Friday, August 15, 2008

Record-setting

Not Michael Phelps, but Laurence Fishburne. I went to see him in the Broadway one-man show Thurgood on Wednesday night, and it was possibly the fastest standing ovation I've ever seen. People didn't even wait for him to walk out.

As you might have guessed, the show is about Thurgood Marshall, who narrates as if giving a lecture on his life and career, from childhood to retirement, at Howard University. It was written by George Stevens, Jr., who also wrote the miniseries about Marshall that I saw when I was very young. It's not an exaggeration to say that that miniseries changed my life. It gave words to a lot of issues, not only about race, that I probably couldn't have articulated myself at this point.

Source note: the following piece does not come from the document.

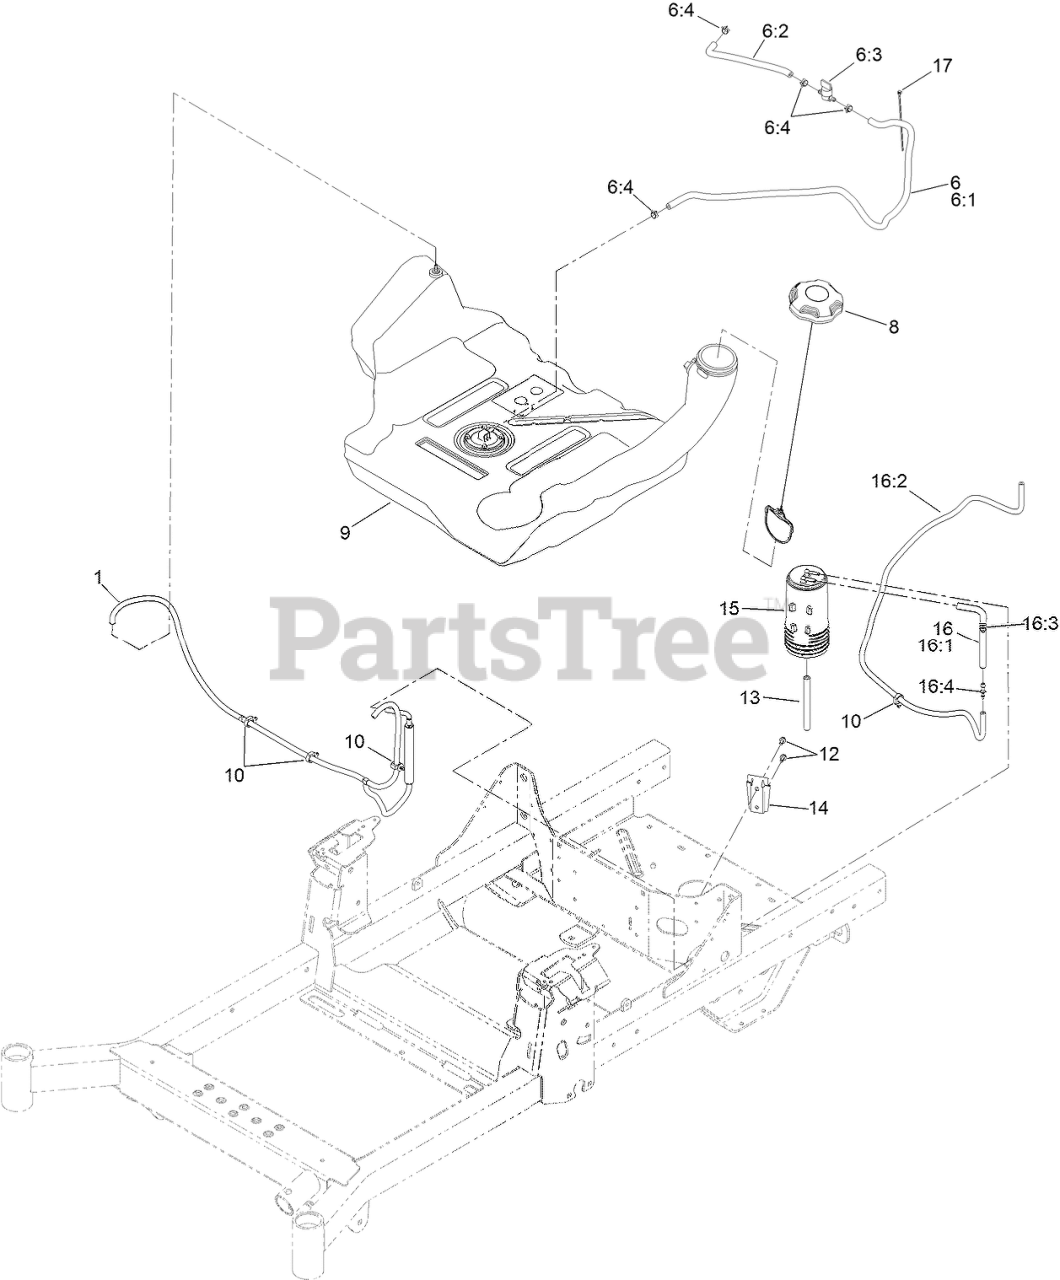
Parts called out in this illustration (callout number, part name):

Fishburne is completely convincing as Marshall, salty, scrappy, passionate, and powerful, having fun with plenty of hilarious lines mixed in with the gravity of the landmark cases he tried. The staging was fine; the backdrop, an all-white embossed American flag, serves as a transparency screen. Projection switches from photographs relevant to what he's talking about to the Supreme Court building facade and interior, and there are sometimes even relevant sounds played. The only other speaker, however, is Earl Warren reading the decision in Brown v. Board.

I greatly enjoyed it, much more than the frankly rather over-artful Year of Magical Thinking last year, which was also a one-woman show (Vanessa Redgrave) at the same theater and similar staging. If you're in NYC, get thee to see it before it closes, which is very soon.